## DATA EXTRACT:
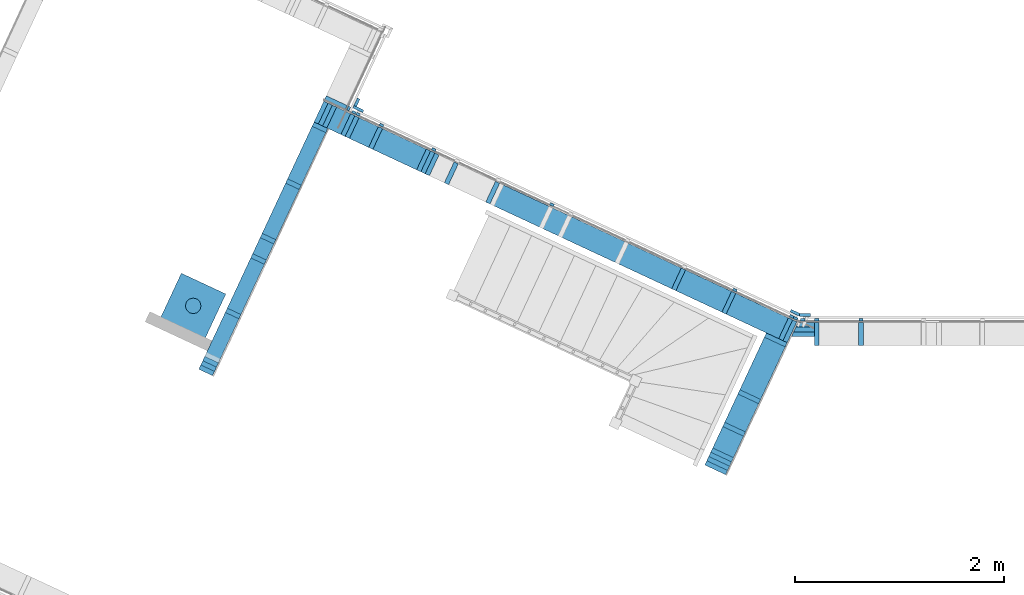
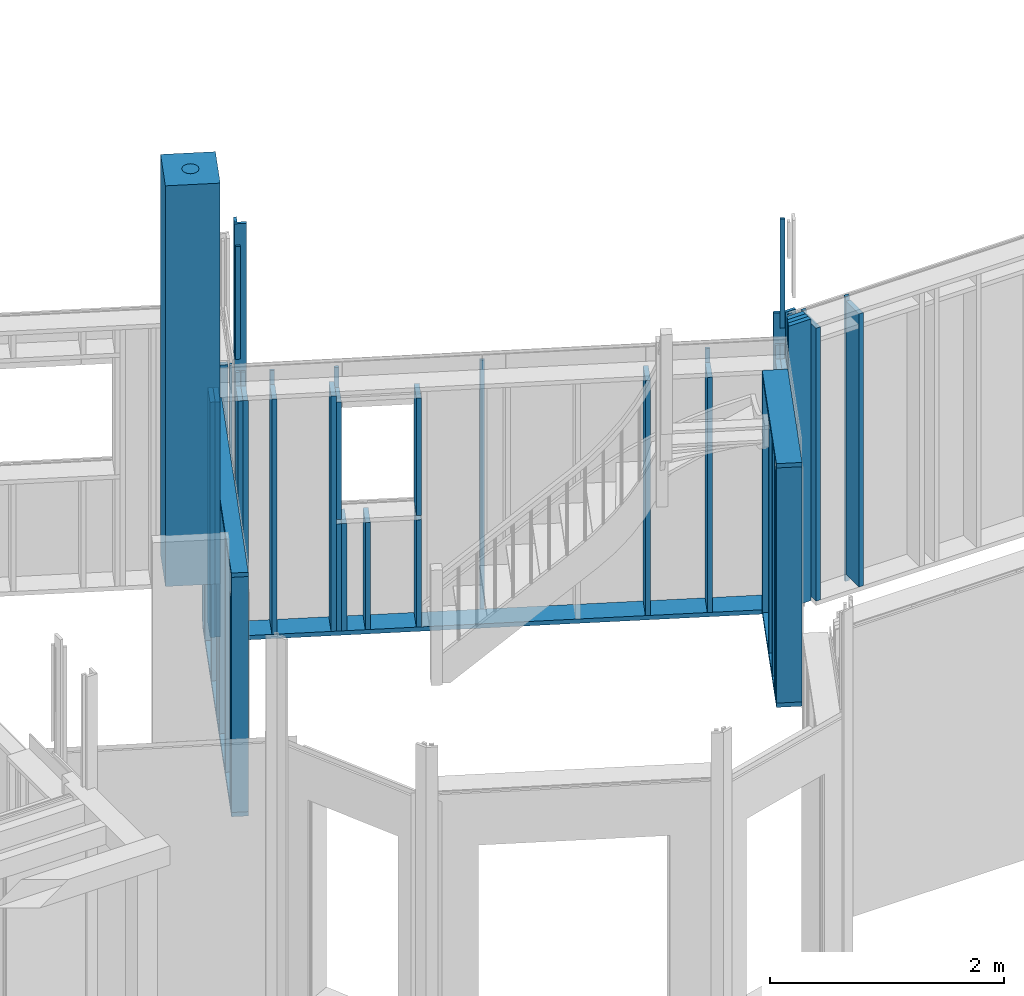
# One storey, part 11 of 34: 63 members.
"""IFC2X3 building model written with IfcOpenShell, lengths in metres."""

from ifc_helpers import new_model, si_unit, direction, frame, origin_with_axes, place, context, subcontext, project, spatial, faceted_brep, material, element, save


model = new_model("IFC2X3")

# Units and contexts
model_context = context("Model", 3, precision=1e-06, world=origin_with_axes(), true_north=direction((0.0, 1.0, 0.0)))
body_context = subcontext(model_context, "Body", "Model", "MODEL_VIEW")
ifc_project = project(units=[si_unit("LENGTHUNIT", "METRE"), si_unit("AREAUNIT", "SQUARE_METRE"), si_unit("VOLUMEUNIT", "CUBIC_METRE"), si_unit("PLANEANGLEUNIT", "RADIAN")], contexts=[model_context])

# Site, building, storey
site_placement = place(None, origin_with_axes())
site = spatial("IfcSite", under=ifc_project, at=site_placement, CompositionType="ELEMENT")
building_placement = place(site_placement, origin_with_axes())
building = spatial("IfcBuilding", under=site, at=building_placement, Name="Building 1", CompositionType="ELEMENT")
storey_placement = place(building_placement, origin_with_axes())
storey = spatial("IfcBuildingStorey", under=building, at=storey_placement, Name="Rez de chaussée", CompositionType="ELEMENT", Elevation=0.0)

# Members
ifc_material_1 = material(Name="Epicéa C24")
member_1_placement = place(storey_placement, frame((15.3161147, 3.9052799, 2.98), z_axis=(-1.0, 0.0, 0.0), x_axis=(0.0, 0.0, -1.0)))
element("IfcMember", 1, at=member_1_placement, inside=storey, material=ifc_material_1, Name="Montant", context=body_context, shape_type="Brep", body=[
    faceted_brep([(2.935, -0.0225, 0.0680323), (0.0, -0.0225, 0.0680323), (0.0, -0.0225, -0.0890162), (2.935, -0.0225, -0.0890162), (0.0, 0.0225, -0.0890162), (2.935, 0.0225, -0.0890162), (0.0, 0.0225, 0.0890162), (2.935, 0.0225, 0.0890162)], [[[0, 1, 2, 3]], [[3, 2, 4, 5]], [[6, 7, 5, 4]], [[7, 0, 3, 5]], [[6, 1, 0, 7]], [[1, 6, 4, 2]]]),
])
member_2_placement = place(storey_placement, frame((9.5794139, 3.4492099, 0.0675), z_axis=(-0.9063078, 0.4226183, 0.0), x_axis=(0.4226183, 0.9063078, 0.0)))
element("IfcMember", 2, at=member_2_placement, inside=storey, material=ifc_material_1, Name="Lisse basse", context=body_context, shape_type="Brep", body=[
    faceted_brep([(0.0, 0.0225, -0.0725), (2.6106551, 0.0225, -0.0725), (2.6106551, -0.0225, -0.0725), (0.0, -0.0225, -0.0725), (2.6106551, 0.0225, 0.0725), (2.6106551, -0.0225, 0.0725), (0.0, -0.0225, 0.0725), (0.0, 0.0225, 0.0725)], [[[0, 1, 2, 3]], [[4, 5, 2, 1]], [[5, 6, 3, 2]], [[7, 4, 1, 0]], [[6, 5, 4, 7]], [[6, 7, 0, 3]]]),
])
member_3_placement = place(storey_placement, frame((10.9476754, 5.9752864, 2.745), z_axis=(-0.9063078, 0.4226183, 0.0), x_axis=(0.0, 0.0, -1.0)))
element("IfcMember", 3, at=member_3_placement, inside=storey, material=ifc_material_1, Name="latte 27/40", context=body_context, shape_type="Brep", body=[
    faceted_brep([(2.74, -0.02, -0.012), (2.74, 0.02, -0.012), (2.74, 0.02, 0.012), (2.74, -0.02, 0.012), (0.0, 0.02, 0.012), (0.0, -0.02, 0.012), (0.0, 0.02, -0.012), (0.0, -0.02, -0.012)], [[[0, 1, 2, 3]], [[3, 2, 4, 5]], [[2, 1, 6, 4]], [[1, 0, 7, 6]], [[6, 7, 5, 4]], [[0, 3, 5, 7]]]),
])
member_4_placement = place(storey_placement, frame((12.3264059, 5.1701773, 1.207), z_axis=(0.4226183, 0.9063078, 0.0), x_axis=(0.0, 0.0, -1.0)))
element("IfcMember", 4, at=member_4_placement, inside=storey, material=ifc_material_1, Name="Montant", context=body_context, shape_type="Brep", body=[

## TASK ITEM:
Wherever a picture appears in the data, please drop it and retype the rest exactly.

## ANSWER FOR THIS EXERCISE:
# One storey, part 11 of 34: 63 members.
"""IFC2X3 building model written with IfcOpenShell, lengths in metres."""

from ifc_helpers import new_model, si_unit, direction, frame, origin_with_axes, place, context, subcontext, project, spatial, faceted_brep, material, element, save


model = new_model("IFC2X3")

# Units and contexts
model_context = context("Model", 3, precision=1e-06, world=origin_with_axes(), true_north=direction((0.0, 1.0, 0.0)))
body_context = subcontext(model_context, "Body", "Model", "MODEL_VIEW")
ifc_project = project(units=[si_unit("LENGTHUNIT", "METRE"), si_unit("AREAUNIT", "SQUARE_METRE"), si_unit("VOLUMEUNIT", "CUBIC_METRE"), si_unit("PLANEANGLEUNIT", "RADIAN")], contexts=[model_context])

# Site, building, storey
site_placement = place(None, origin_with_axes())
site = spatial("IfcSite", under=ifc_project, at=site_placement, CompositionType="ELEMENT")
building_placement = place(site_placement, origin_with_axes())
building = spatial("IfcBuilding", under=site, at=building_placement, Name="Building 1", CompositionType="ELEMENT")
storey_placement = place(building_placement, origin_with_axes())
storey = spatial("IfcBuildingStorey", under=building, at=storey_placement, Name="Rez de chaussée", CompositionType="ELEMENT", Elevation=0.0)

# Members
ifc_material_1 = material(Name="Epicéa C24")
member_1_placement = place(storey_placement, frame((15.3161147, 3.9052799, 2.98), z_axis=(-1.0, 0.0, 0.0), x_axis=(0.0, 0.0, -1.0)))
element("IfcMember", 1, at=member_1_placement, inside=storey, material=ifc_material_1, Name="Montant", context=body_context, shape_type="Brep", body=[
    faceted_brep([(2.935, -0.0225, 0.0680323), (0.0, -0.0225, 0.0680323), (0.0, -0.0225, -0.0890162), (2.935, -0.0225, -0.0890162), (0.0, 0.0225, -0.0890162), (2.935, 0.0225, -0.0890162), (0.0, 0.0225, 0.0890162), (2.935, 0.0225, 0.0890162)], [[[0, 1, 2, 3]], [[3, 2, 4, 5]], [[6, 7, 5, 4]], [[7, 0, 3, 5]], [[6, 1, 0, 7]], [[1, 6, 4, 2]]]),
])
member_2_placement = place(storey_placement, frame((9.5794139, 3.4492099, 0.0675), z_axis=(-0.9063078, 0.4226183, 0.0), x_axis=(0.4226183, 0.9063078, 0.0)))
element("IfcMember", 2, at=member_2_placement, inside=storey, material=ifc_material_1, Name="Lisse basse", context=body_context, shape_type="Brep", body=[
    faceted_brep([(0.0, 0.0225, -0.0725), (2.6106551, 0.0225, -0.0725), (2.6106551, -0.0225, -0.0725), (0.0, -0.0225, -0.0725), (2.6106551, 0.0225, 0.0725), (2.6106551, -0.0225, 0.0725), (0.0, -0.0225, 0.0725), (0.0, 0.0225, 0.0725)], [[[0, 1, 2, 3]], [[4, 5, 2, 1]], [[5, 6, 3, 2]], [[7, 4, 1, 0]], [[6, 5, 4, 7]], [[6, 7, 0, 3]]]),
])
member_3_placement = place(storey_placement, frame((10.9476754, 5.9752864, 2.745), z_axis=(-0.9063078, 0.4226183, 0.0), x_axis=(0.0, 0.0, -1.0)))
element("IfcMember", 3, at=member_3_placement, inside=storey, material=ifc_material_1, Name="latte 27/40", context=body_context, shape_type="Brep", body=[
    faceted_brep([(2.74, -0.02, -0.012), (2.74, 0.02, -0.012), (2.74, 0.02, 0.012), (2.74, -0.02, 0.012), (0.0, 0.02, 0.012), (0.0, -0.02, 0.012), (0.0, 0.02, -0.012), (0.0, -0.02, -0.012)], [[[0, 1, 2, 3]], [[3, 2, 4, 5]], [[2, 1, 6, 4]], [[1, 0, 7, 6]], [[6, 7, 5, 4]], [[0, 3, 5, 7]]]),
])
member_4_placement = place(storey_placement, frame((12.3264059, 5.1701773, 1.207), z_axis=(0.4226183, 0.9063078, 0.0), x_axis=(0.0, 0.0, -1.0)))
element("IfcMember", 4, at=member_4_placement, inside=storey, material=ifc_material_1, Name="Montant", context=body_context, shape_type="Brep", body=[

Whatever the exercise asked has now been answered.